▶

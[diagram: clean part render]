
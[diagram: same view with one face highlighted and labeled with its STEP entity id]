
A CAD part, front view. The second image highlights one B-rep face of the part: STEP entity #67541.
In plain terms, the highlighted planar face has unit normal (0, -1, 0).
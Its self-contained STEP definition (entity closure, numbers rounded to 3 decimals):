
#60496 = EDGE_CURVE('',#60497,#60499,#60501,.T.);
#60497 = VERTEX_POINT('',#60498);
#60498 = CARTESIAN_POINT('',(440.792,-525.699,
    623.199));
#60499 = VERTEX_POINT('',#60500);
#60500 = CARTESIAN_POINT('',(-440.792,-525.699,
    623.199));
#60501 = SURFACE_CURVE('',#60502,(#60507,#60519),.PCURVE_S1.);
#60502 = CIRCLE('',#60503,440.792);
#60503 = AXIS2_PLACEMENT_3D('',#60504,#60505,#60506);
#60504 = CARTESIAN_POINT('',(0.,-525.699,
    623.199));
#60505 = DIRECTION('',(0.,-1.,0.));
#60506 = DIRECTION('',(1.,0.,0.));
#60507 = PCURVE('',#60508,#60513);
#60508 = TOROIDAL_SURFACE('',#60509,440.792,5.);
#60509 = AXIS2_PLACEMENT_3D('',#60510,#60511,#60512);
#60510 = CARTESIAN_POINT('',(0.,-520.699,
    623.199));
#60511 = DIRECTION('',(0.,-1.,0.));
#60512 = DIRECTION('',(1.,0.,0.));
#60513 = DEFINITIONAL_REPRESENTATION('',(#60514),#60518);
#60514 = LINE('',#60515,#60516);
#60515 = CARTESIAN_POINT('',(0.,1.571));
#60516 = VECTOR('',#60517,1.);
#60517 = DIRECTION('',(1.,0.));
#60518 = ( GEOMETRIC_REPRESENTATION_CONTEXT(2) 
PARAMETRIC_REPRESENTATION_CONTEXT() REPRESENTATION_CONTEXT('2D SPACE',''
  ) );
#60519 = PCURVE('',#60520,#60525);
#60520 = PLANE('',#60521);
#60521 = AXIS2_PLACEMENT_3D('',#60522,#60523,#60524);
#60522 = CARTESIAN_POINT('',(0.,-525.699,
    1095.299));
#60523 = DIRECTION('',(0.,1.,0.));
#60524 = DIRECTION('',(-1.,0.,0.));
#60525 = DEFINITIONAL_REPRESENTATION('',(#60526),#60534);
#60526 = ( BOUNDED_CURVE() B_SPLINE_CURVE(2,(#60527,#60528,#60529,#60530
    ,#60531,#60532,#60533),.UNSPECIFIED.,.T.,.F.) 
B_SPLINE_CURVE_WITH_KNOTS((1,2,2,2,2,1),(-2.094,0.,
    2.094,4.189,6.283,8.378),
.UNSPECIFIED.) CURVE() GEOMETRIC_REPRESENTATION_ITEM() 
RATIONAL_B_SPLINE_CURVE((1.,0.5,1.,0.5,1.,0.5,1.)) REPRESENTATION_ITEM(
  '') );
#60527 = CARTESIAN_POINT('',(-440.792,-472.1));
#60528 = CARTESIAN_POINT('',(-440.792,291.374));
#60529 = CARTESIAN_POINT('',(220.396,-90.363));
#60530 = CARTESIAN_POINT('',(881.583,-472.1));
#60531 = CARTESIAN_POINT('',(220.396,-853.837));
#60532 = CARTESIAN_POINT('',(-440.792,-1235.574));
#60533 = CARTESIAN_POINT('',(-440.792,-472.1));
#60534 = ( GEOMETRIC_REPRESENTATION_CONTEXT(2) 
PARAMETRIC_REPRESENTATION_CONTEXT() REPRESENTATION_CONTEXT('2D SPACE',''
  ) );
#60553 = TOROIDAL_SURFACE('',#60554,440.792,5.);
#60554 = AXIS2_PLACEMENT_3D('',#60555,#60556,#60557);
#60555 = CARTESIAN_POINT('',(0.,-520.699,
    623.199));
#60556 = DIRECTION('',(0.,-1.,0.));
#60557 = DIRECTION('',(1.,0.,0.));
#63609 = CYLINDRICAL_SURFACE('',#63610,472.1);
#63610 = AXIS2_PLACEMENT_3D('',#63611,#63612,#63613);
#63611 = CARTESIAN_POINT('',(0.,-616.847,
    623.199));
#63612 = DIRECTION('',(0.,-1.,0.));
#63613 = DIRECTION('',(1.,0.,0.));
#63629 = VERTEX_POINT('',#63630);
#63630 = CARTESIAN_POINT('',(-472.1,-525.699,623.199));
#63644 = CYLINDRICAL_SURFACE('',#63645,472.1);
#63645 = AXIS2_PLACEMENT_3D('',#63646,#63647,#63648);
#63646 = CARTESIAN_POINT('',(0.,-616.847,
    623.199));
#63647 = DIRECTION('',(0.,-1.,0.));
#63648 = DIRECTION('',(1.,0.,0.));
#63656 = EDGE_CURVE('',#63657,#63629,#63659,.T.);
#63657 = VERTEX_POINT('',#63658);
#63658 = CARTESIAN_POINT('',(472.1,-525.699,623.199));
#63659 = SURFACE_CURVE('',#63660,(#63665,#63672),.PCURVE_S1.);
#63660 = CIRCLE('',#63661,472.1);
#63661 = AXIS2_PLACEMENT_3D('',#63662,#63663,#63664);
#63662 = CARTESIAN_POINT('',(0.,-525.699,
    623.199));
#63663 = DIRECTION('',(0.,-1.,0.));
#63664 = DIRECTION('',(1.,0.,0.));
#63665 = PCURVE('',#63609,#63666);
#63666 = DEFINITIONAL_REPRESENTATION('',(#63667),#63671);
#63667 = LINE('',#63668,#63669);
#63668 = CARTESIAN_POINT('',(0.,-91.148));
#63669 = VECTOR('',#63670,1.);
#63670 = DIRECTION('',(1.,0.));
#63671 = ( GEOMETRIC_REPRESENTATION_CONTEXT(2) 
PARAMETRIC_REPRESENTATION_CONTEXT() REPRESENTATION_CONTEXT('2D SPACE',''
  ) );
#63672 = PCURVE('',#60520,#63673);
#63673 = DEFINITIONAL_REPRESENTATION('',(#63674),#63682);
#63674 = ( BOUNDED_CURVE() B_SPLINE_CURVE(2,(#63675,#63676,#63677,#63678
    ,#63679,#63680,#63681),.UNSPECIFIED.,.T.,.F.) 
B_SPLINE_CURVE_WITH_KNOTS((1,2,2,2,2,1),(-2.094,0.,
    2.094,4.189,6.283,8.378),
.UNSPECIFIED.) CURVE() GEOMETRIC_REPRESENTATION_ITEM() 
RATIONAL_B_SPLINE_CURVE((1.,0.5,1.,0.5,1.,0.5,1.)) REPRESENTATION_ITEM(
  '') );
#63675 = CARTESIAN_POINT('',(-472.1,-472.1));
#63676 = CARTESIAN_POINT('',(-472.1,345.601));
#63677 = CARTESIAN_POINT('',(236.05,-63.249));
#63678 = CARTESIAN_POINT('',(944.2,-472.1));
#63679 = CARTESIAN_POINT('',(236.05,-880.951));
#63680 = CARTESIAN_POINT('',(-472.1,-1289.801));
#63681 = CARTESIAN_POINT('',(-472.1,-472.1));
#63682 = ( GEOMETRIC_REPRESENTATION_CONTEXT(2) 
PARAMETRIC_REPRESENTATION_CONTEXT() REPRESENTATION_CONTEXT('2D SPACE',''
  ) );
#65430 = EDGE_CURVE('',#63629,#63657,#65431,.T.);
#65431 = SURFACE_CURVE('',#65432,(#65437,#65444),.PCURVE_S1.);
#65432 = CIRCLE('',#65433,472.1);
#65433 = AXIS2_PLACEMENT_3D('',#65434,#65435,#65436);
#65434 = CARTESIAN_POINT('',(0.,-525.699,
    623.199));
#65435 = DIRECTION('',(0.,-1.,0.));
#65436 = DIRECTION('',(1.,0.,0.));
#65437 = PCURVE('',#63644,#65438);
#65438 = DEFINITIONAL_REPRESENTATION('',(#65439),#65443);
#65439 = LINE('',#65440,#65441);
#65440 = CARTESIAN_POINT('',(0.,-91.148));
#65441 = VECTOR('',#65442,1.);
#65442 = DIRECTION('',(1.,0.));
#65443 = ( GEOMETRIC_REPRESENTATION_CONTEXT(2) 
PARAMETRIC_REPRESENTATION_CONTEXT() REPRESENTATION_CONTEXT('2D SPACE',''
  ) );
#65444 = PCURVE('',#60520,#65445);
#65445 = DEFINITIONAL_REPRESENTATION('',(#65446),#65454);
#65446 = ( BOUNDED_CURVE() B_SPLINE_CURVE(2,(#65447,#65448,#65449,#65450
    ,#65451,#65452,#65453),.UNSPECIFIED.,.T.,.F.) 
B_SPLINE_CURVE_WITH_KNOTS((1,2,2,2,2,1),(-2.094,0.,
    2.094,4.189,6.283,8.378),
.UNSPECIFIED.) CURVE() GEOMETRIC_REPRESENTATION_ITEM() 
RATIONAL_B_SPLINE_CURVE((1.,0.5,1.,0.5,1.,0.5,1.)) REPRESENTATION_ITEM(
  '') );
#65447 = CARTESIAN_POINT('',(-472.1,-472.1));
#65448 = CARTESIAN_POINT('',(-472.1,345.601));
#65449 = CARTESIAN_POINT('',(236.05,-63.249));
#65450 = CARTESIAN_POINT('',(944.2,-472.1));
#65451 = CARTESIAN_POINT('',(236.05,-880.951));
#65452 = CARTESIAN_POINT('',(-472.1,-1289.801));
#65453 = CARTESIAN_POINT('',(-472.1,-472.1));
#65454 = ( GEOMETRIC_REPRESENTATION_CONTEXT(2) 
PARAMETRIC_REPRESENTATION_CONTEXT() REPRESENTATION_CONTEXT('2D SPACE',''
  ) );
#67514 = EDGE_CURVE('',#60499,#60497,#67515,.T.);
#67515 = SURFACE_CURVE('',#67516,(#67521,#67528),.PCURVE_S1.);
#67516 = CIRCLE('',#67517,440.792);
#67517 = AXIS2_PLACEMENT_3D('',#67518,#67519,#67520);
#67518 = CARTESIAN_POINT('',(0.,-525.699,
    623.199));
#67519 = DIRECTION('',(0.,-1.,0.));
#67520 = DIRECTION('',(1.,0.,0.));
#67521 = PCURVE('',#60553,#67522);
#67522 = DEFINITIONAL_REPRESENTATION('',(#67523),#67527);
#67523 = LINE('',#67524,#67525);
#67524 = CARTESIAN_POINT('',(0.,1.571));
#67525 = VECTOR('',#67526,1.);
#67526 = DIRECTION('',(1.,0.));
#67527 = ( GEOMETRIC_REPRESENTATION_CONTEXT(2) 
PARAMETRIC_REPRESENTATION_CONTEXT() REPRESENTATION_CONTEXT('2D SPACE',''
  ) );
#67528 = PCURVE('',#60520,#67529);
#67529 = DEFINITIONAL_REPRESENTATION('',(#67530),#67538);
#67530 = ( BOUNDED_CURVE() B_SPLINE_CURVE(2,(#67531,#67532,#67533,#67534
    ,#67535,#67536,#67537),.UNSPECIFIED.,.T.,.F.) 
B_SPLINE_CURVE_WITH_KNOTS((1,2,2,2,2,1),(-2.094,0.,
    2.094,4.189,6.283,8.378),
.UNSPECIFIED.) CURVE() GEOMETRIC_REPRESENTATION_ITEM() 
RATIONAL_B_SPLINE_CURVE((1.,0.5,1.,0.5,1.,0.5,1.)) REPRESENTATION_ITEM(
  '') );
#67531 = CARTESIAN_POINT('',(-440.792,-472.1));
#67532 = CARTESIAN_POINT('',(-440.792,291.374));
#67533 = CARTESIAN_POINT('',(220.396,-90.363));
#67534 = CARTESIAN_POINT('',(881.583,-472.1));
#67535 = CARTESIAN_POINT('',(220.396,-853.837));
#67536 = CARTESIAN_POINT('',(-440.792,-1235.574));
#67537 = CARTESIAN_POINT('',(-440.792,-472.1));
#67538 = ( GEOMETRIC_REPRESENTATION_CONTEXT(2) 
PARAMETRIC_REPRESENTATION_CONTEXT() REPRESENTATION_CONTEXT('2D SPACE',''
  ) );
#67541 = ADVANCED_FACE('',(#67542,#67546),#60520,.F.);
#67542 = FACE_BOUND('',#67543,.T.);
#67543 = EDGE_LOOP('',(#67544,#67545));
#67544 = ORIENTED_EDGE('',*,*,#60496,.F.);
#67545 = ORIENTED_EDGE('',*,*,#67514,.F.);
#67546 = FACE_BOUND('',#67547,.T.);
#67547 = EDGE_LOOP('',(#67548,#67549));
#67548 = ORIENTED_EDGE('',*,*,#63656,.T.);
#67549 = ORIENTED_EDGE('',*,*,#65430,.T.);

◀

Goal of the exercise
Identify every line above that includes the word "diagram", and show those lines.

Written response
[diagram: clean part render]
[diagram: same view with one face highlighted and labeled with its STEP entity id]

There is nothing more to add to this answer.